Review of Station Eleven by Emily St. John Mandel

St. John Mandel weaves together the past, present, and future in this post-apocalyptic story about a pandemic (which has been made into a limited series I have high hopes for).

My smarty friend Laura recently told me that Station Eleven has been adapted into a limited HBO series that begins this Thursday. One reviewer calls it "a beautifully wrought piece of storytelling" (Vulture). I'm excited to give this a go...despite the fact that Station Eleven is centered around a pandemic.

Station Eleven tracks an interconnected web of lives--of a Hollywood star who meets his demise at the start of the devastating pandemic, through the lives of others who knew and loved him, and back and forth to the past where the actor got his start and to the future, where a traveling troupe of performers wanders the wastelands. Meanwhile, a self-proclaimed prophet wields dangerous power.

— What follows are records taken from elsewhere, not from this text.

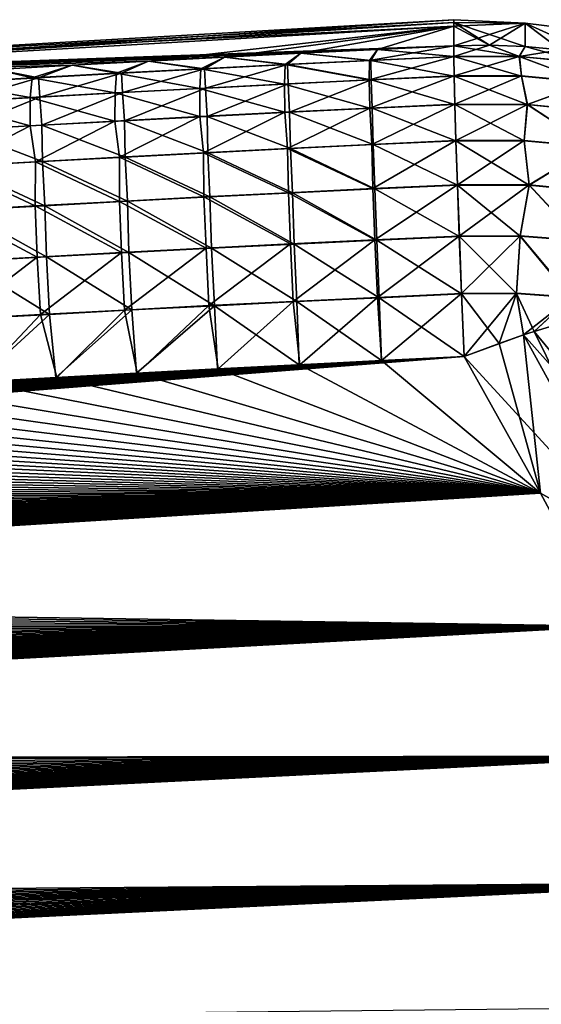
# Model space of a CAD drawing. Header units: metres. Extents: x -61 to 49, y -32 to 32.
# Tile 336 of 343: x 39.6 to 41.24, y 21.86 to 24.95. Entities that reach past the tile are written whole.
import ezdxf

# ---------------------------------------------------------------- set-up
doc = ezdxf.new("R2010")
doc.units = ezdxf.units.M
doc.layers.add('solid_K_27_40_10_000Y34', color=7, linetype='CONTINUOUS')

msp = doc.modelspace()

# ---------------------------------------------------------------- linework, layer by layer
at = {"layer": 'solid_K_27_40_10_000Y34'}
for points in [[(40.964565, 24.948526), (40.964565, 24.939426, -0.673773), (38.219318, 24.790369)], [(38.219318, 24.76976, 1.010641), (40.964565, 24.948526), (38.219318, 24.790369)], [(38.219318, 24.76976, 1.010641), (40.964565, 24.93939, 0.675123), (40.964565, 24.948526)], [(40.964565, 24.939426, -0.673773), (40.964565, 24.928038, -1.010892), (38.219318, 24.790369)], [(38.219318, 24.76976, 1.010641), (40.964565, 24.92804, 1.010881), (40.964565, 24.93939, 0.675123)], [(38.219318, 24.76976, 1.010641), (40.006702, 24.818626, 2.01419), (40.964565, 24.92804, 1.010881)], [(40.964565, 24.928038, -1.010892), (38.219318, 24.76976, -1.01064), (38.219318, 24.790369)], [(40.964565, 24.928038, -1.010892), (40.964565, 24.866577, -2.020484), (38.219318, 24.76976, -1.01064)], [(40.006702, 24.818626, 2.01419), (40.245747, 24.831326, 2.015258), (40.964565, 24.92804, 1.010881)], [(40.245747, 24.831326, 2.015258), (40.485077, 24.843552, 2.016657), (40.964565, 24.92804, 1.010881)], [(40.485077, 24.843552, 2.016657), (40.724682, 24.855305, 2.018387), (40.964565, 24.92804, 1.010881)], [(40.724682, 24.855305, 2.018387), (40.964565, 24.866579, 2.020449), (40.964565, 24.92804, 1.010881)], [(41.188202, 24.93729, 0.675058), (40.964565, 24.939426, -0.673773), (40.964565, 24.948526)], [(41.188202, 24.93729, 0.675058), (40.964565, 24.948526), (40.964565, 24.93939, 0.675123)], [(41.188202, 24.937328, -0.673709), (40.964565, 24.928038, -1.010892), (40.964565, 24.939426, -0.673773)], [(41.188202, 24.937328, -0.673709), (40.964565, 24.939426, -0.673773), (41.188202, 24.93729, 0.675058)], [(41.076324, 24.868742, 2.019504), (40.964565, 24.93939, 0.675123), (40.964565, 24.92804, 1.010881)], [(41.188038, 24.864588, 2.019167), (41.188202, 24.93729, 0.675058), (40.964565, 24.93939, 0.675123)], [(41.076324, 24.868742, 2.019504), (41.188038, 24.864588, 2.019167), (40.964565, 24.93939, 0.675123)], [(41.188202, 24.937328, -0.673709), (40.964565, 24.866577, -2.020484), (40.964565, 24.928038, -1.010892)], [(41.188202, 24.937328, -0.673709), (41.076416, 24.868742, -2.019513), (40.964565, 24.866577, -2.020484)], [(41.076324, 24.868742, 2.019504), (40.964565, 24.92804, 1.010881), (40.964565, 24.866579, 2.020449)], [(41.188202, 24.937328, -0.673709), (41.188038, 24.864588, -2.019164), (41.076416, 24.868742, -2.019513)], [(41.188202, 24.937328, -0.673709), (41.299351, 24.854218, -2.018328), (41.188038, 24.864588, -2.019164)], [(41.188038, 24.864588, 2.019167), (41.299355, 24.854216, 2.018324), (41.188202, 24.93729, 0.675058)], [(41.410206, 24.910282, -0.672978), (41.299351, 24.854218, -2.018328), (41.188202, 24.937328, -0.673709)], [(41.188202, 24.937328, -0.673709), (41.188202, 24.93729, 0.675058), (41.410206, 24.910246, 0.674326)], [(41.410206, 24.910282, -0.672978), (41.188202, 24.937328, -0.673709), (41.410206, 24.910246, 0.674326)], [(41.409935, 24.837658, 2.01698), (41.410206, 24.910246, 0.674326), (41.188202, 24.93729, 0.675058)], [(41.299355, 24.854216, 2.018324), (41.409935, 24.837658, 2.01698), (41.188202, 24.93729, 0.675058)], [(40.964565, 24.866577, -2.020484), (40.724678, 24.855301, -2.018414), (38.219318, 24.76976, -1.01064)], [(40.699715, 24.821026, -2.251956), (40.724678, 24.855301, -2.018414), (40.964565, 24.866577, -2.020484)], [(40.964188, 24.833412, -2.254404), (40.699715, 24.821026, -2.251956), (40.964565, 24.866577, -2.020484)], [(40.964191, 24.833126, 2.255811), (40.964565, 24.866579, 2.020449), (40.724682, 24.855305, 2.018387)], [(41.076416, 24.868742, -2.019513), (40.964188, 24.833412, -2.254404), (40.964565, 24.866577, -2.020484)], [(41.076416, 24.868742, -2.019513), (41.169384, 24.833319, -2.250098), (40.964188, 24.833412, -2.254404)], [(41.17004, 24.833006, 2.251474), (40.964565, 24.866579, 2.020449), (40.964191, 24.833126, 2.255811)], [(41.17004, 24.833006, 2.251474), (41.076324, 24.868742, 2.019504), (40.964565, 24.866579, 2.020449)], [(41.17004, 24.833006, 2.251474), (41.188038, 24.864588, 2.019167), (41.076324, 24.868742, 2.019504)], [(41.076416, 24.868742, -2.019513), (41.188038, 24.864588, -2.019164), (41.169384, 24.833319, -2.250098)], [(41.188038, 24.864588, -2.019164), (41.299351, 24.854218, -2.018328), (41.169384, 24.833319, -2.250098)], [(41.374386, 24.813721, 2.235187), (41.188038, 24.864588, 2.019167), (41.17004, 24.833006, 2.251474)], [(41.374386, 24.813721, 2.235187), (41.299355, 24.854216, 2.018324), (41.188038, 24.864588, 2.019167)], [(40.724678, 24.855301, -2.018414), (40.485058, 24.84355, -2.016677), (38.219318, 24.76976, -1.01064)], [(40.485058, 24.84355, -2.016677), (40.245705, 24.831322, -2.015273), (38.219318, 24.76976, -1.01064)], [(40.435265, 24.808064, -2.249786), (40.245705, 24.831322, -2.015273), (40.485058, 24.84355, -2.016677)], [(40.443439, 24.808197, 2.251206), (40.485077, 24.843552, 2.016657), (40.245747, 24.831326, 2.015258)], [(40.699715, 24.821026, -2.251956), (40.435265, 24.808064, -2.249786), (40.485058, 24.84355, -2.016677)], [(40.443439, 24.808197, 2.251206), (40.703804, 24.820942, 2.253372), (40.485077, 24.843552, 2.016657)], [(40.699715, 24.821026, -2.251956), (40.485058, 24.84355, -2.016677), (40.724678, 24.855301, -2.018414)], [(40.703804, 24.820942, 2.253372), (40.724682, 24.855305, 2.018387), (40.485077, 24.843552, 2.016657)], [(40.699329, 24.759647, -2.483013), (40.699715, 24.821026, -2.251956), (40.964188, 24.833412, -2.254404)], [(40.699329, 24.759647, -2.483013), (40.964188, 24.833412, -2.254404), (40.965145, 24.772038, -2.485471)], [(40.703804, 24.820942, 2.253372), (40.964191, 24.833126, 2.255811), (40.724682, 24.855305, 2.018387)], [(40.965153, 24.771585, 2.486834), (40.964191, 24.833126, 2.255811), (40.703804, 24.820942, 2.253372)], [(41.169384, 24.833319, -2.250098), (40.965145, 24.772038, -2.485471), (40.964188, 24.833412, -2.254404)], [(41.17683, 24.771551, 2.48243), (40.964191, 24.833126, 2.255811), (40.965153, 24.771585, 2.486834)], [(41.17004, 24.833006, 2.251474), (40.964191, 24.833126, 2.255811), (41.17683, 24.771551, 2.48243)], [(41.176464, 24.772017, -2.481083), (40.965145, 24.772038, -2.485471), (41.169384, 24.833319, -2.250098)], [(41.299351, 24.854218, -2.018328), (41.373093, 24.814178, -2.233915), (41.169384, 24.833319, -2.250098)], [(41.38628, 24.752525, -2.464555), (41.169384, 24.833319, -2.250098), (41.373093, 24.814178, -2.233915)], [(41.38628, 24.752525, -2.464555), (41.176464, 24.772017, -2.481083), (41.169384, 24.833319, -2.250098)], [(41.17004, 24.833006, 2.251474), (41.17683, 24.771551, 2.48243), (41.38699, 24.751984, 2.465847)], [(41.374386, 24.813721, 2.235187), (41.17004, 24.833006, 2.251474), (41.38699, 24.751984, 2.465847)], [(40.245705, 24.831322, -2.015273), (40.006626, 24.818621, -2.0142), (38.219318, 24.76976, -1.01064)], [(38.219318, 24.76976, 1.010641), (39.767933, 24.805454, 2.013452), (40.006702, 24.818626, 2.01419)], [(40.006626, 24.818621, -2.0142), (39.767815, 24.805447, -2.013458), (38.219318, 24.76976, -1.01064)], [(38.219318, 24.76976, 1.010641), (39.529446, 24.791813, 2.013045), (39.767933, 24.805454, 2.013452)], [(39.767815, 24.805447, -2.013458), (39.529274, 24.791803, -2.013047), (38.219318, 24.76976, -1.01064)], [(39.642082, 24.765709, -2.244987), (39.529274, 24.791803, -2.013047), (39.767815, 24.805447, -2.013458)], [(39.662502, 24.766605, 2.246369), (39.767933, 24.805454, 2.013452), (39.529446, 24.791813, 2.013045)], [(39.906448, 24.780405, -2.2463), (39.642082, 24.765709, -2.244987), (39.767815, 24.805447, -2.013458)], [(39.662502, 24.766605, 2.246369), (39.922787, 24.781029, 2.247704), (39.767933, 24.805454, 2.013452)], [(39.906448, 24.780405, -2.2463), (39.767815, 24.805447, -2.013458), (40.006626, 24.818621, -2.0142)], [(39.922787, 24.781029, 2.247704), (40.006702, 24.818626, 2.01419), (39.767933, 24.805454, 2.013452)], [(40.170841, 24.794523, -2.2479), (39.906448, 24.780405, -2.2463), (40.006626, 24.818621, -2.0142)], [(39.922787, 24.781029, 2.247704), (40.183098, 24.794893, 2.249316), (40.006702, 24.818626, 2.01419)], [(40.170841, 24.794523, -2.2479), (40.006626, 24.818621, -2.0142), (40.245705, 24.831322, -2.015273)], [(40.183098, 24.794893, 2.249316), (40.245747, 24.831326, 2.015258), (40.006702, 24.818626, 2.01419)], [(40.435265, 24.808064, -2.249786), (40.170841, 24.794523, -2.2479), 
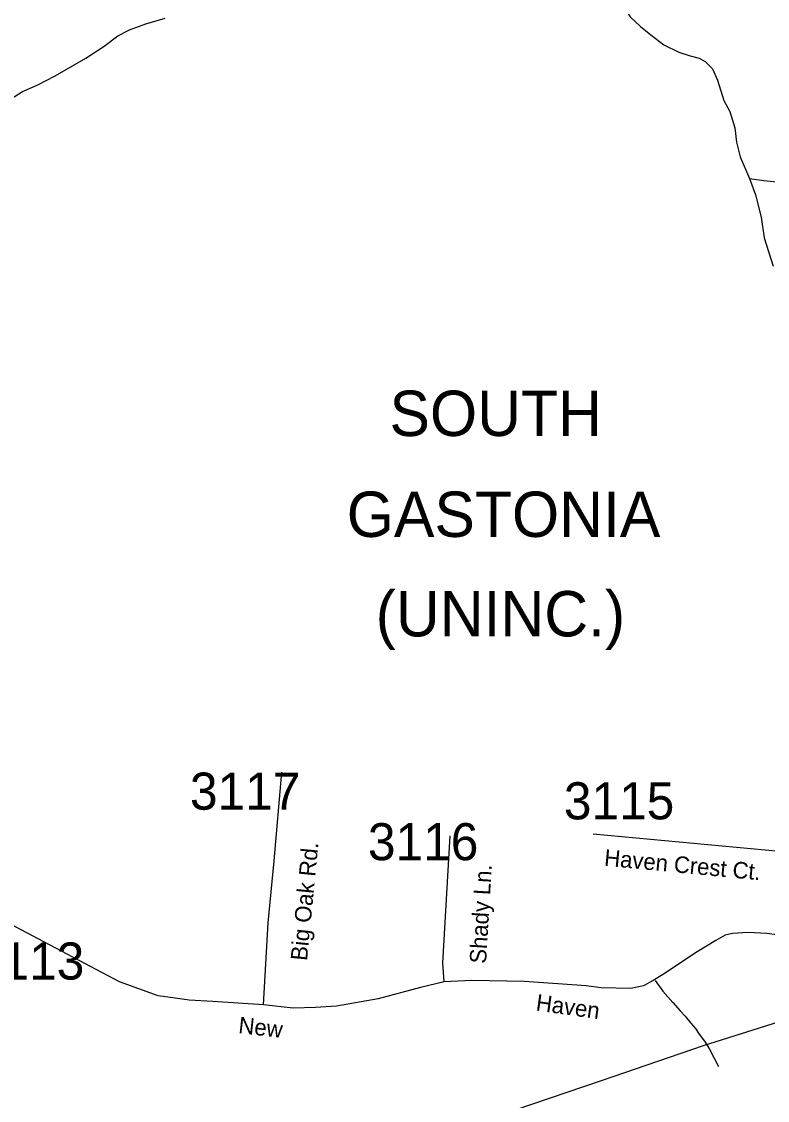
# Model space of a CAD drawing. Extents: x 1268485 to 1426702, y 514839 to 616766.
# Drawn here: x 1335842 to 1338807, y 535998 to 540290 of the extents above; entities that cross this region are included whole.
import ezdxf

# ---------------------------------------------------------------- set-up
doc = ezdxf.new("R2010")
doc.units = 0
for name, color, linetype in [('Old_Level_11', 7, 'Continuous'), ('Old_Level_32', 7, 'Continuous'), ('Old_Level_35', 7, 'Continuous'), ('Old_Level_56', 7, 'Continuous'), ('Old_Level_59', 7, 'Continuous'), ('Old_Level_62', 7, 'Continuous'), ('Old_Level_8', 7, 'Continuous'), ('Old_Level_9', 7, 'Continuous')]:
    doc.layers.add(name, color=color, linetype=linetype)

msp = doc.modelspace()

# ---------------------------------------------------------------- linework, layer by layer
at = {"layer": 'Old_Level_32'}
for points in [[(1336803.084, 536378.338), (1336821.882, 536704.087), (1336846.051, 536951.657), (1336876.934, 537303.467)], [(1337521.586, 536469.831), (1337516.078, 536545.122), (1337545.618, 537050.685)], [(1339151.435, 536915.312), (1339138.991, 536936.065), (1339109.952, 536952.668), (1338968.91, 536977.572), (1338114.222, 537057.953)], [(1336803.084, 536378.338), (1336601.673, 536391.368), (1336507.681, 536396.579), (1336452.812, 536404.416), (1336384.149, 536414.822), (1336231.077, 536469.548), (1335769.175, 536714.511), (1335697.26, 536750.268)], [(1339112.378, 536610.182), (1339024.912, 536627.259), (1338896.315, 536650.087), (1338805.053, 536662.124), (1338730.384, 536666.275), (1338668.16, 536662.124), (1338639.121, 536655.898), (1338602.354, 536633.725), (1338527.16, 536589.424), (1338390.2, 536498.214), (1338352.603, 536474.759), (1338315.008, 536453.912), (1338263.983, 536443.488), (1338145.822, 536446.094), (1338086.165, 536454.389), (1337840.924, 536470.648), (1337631.553, 536474.759), (1337521.586, 536469.831)], [(1337521.586, 536469.831), (1337427.263, 536446.997), (1337258.845, 536402.651), (1337094.458, 536373.126), (1337009.865, 536367.914), (1336921.245, 536365.307), (1336803.084, 536378.338)]]:
    msp.add_lwpolyline(points, dxfattribs=at)
at = {"layer": 'Old_Level_35'}
msp.add_lwpolyline([(1338360.8, 536475.357), (1338391.455, 536433.321), (1338431.543, 536388.21), (1338460.25, 536354.376), (1338479.73, 536333.871), (1338503.208, 536305.112), (1338520.74, 536284.607), (1338536.119, 536262.051), (1338556.625, 536233.396), (1338574.977, 536204.637), (1338611.989, 536132.869)], dxfattribs=at)
at = {"layer": 'Old_Level_56'}
msp.add_lwpolyline([(1339000.701, 536357.857), (1338551.434, 536215.828), (1338146.042, 536076.519), (1337736.855, 535937.484)], dxfattribs=at)
at = {"layer": 'Old_Level_59'}
msp.add_lwpolyline([(1335720.84, 539933.12), (1335845.631, 540011.429), (1335904.173, 540036.497), (1335975.019, 540074.482), (1336096.615, 540144.252), (1336169.716, 540191.977), (1336224.67, 540233.552), (1336271.217, 540256.415), (1336335.705, 540280.56), (1336412.292, 540302.808)], dxfattribs=at)
at = {"layer": 'Old_Level_62'}
for points in [[(1338134.525, 540459.365), (1338172.152, 540438.091), (1338201.372, 540401.387), (1338232.232, 540350.687), (1338261.35, 540308.293), (1338302.565, 540269.692), (1338343.883, 540236.833), (1338394.941, 540197.258), (1338454.406, 540168.14), (1338500.03, 540153.274), (1338535.812, 540144.354), (1338559.598, 540131.589), (1338588.92, 540101.447), (1338607.99, 540056.745), (1338634.237, 539975.801), (1338657.203, 539931.868), (1338677.81, 539866.611), (1338684.577, 539810.683), (1338699.341, 539752.089), (1338735.43, 539666.018)], [(1338735.43, 539666.018), (1338793.255, 539658.278), (1338881.119, 539648.333)], [(1338735.43, 539666.018), (1338760.036, 539600.709), (1338782.079, 539512.434), (1338794.28, 539430.158), (1338829.754, 539317.02)]]:
    msp.add_lwpolyline(points, dxfattribs=at)

# ---------------------------------------------------------------- texts
at = {"layer": 'Old_Level_11'}
for s, height, rotation, p in [('Big Oak Rd.', 65.61666, 84.424156, (1336976.461, 536551.811)), ('Haven Crest Ct.', 65.61666, 354.627283, (1338156.247, 536932.195)), ('Shady Ln.', 65.6167, 86.656039, (1337688.377, 536541.018)), ('Haven', 65.6167, 352.084294, (1337884.081, 536356.388)), ('New', 65.6167, 353.706914, (1336701.537, 536266.085))]:
    msp.add_text(s, height=height, rotation=rotation, dxfattribs=at).set_placement(p)
at = {"layer": 'Old_Level_8'}
for s, p in [('3117', (1336511.097, 537154.728)), ('3115', (1337997.721, 537116.244)), ('3116', (1337218.762, 536953.667)), ('3113', (1335651.991, 536478.994))]:
    msp.add_text(s, height=147.6375, dxfattribs=at).set_placement(p)
at = {"layer": 'Old_Level_9'}
for s, p in [('SOUTH', (1337304.414, 538641.244)), ('GASTONIA', (1337134.449, 538239.76)), ('(UNINC.)', (1337249.664, 537844.059))]:
    msp.add_text(s, height=180.4458, dxfattribs=at).set_placement(p)

doc.saveas('drawing.dxf')

St. John Mandel's post-apocalyptic story offers various minor, intriguing aspects that come together in an unexpected way. I was taken with her writing style and loved how smoothly the shifts in time and chronology worked.

Do you have any Bossy thoughts about this book?

I mentioned Station Eleven in the Greedy Reading List Six Fantastic Dystopian and Postapocalyptic Novels as an additional book that could fit into that list.

St. John Mandel is also the author of The Glass Hotel as well as other novels, and her novel The Sea of Tranquility is slated for publication in the spring of 2022.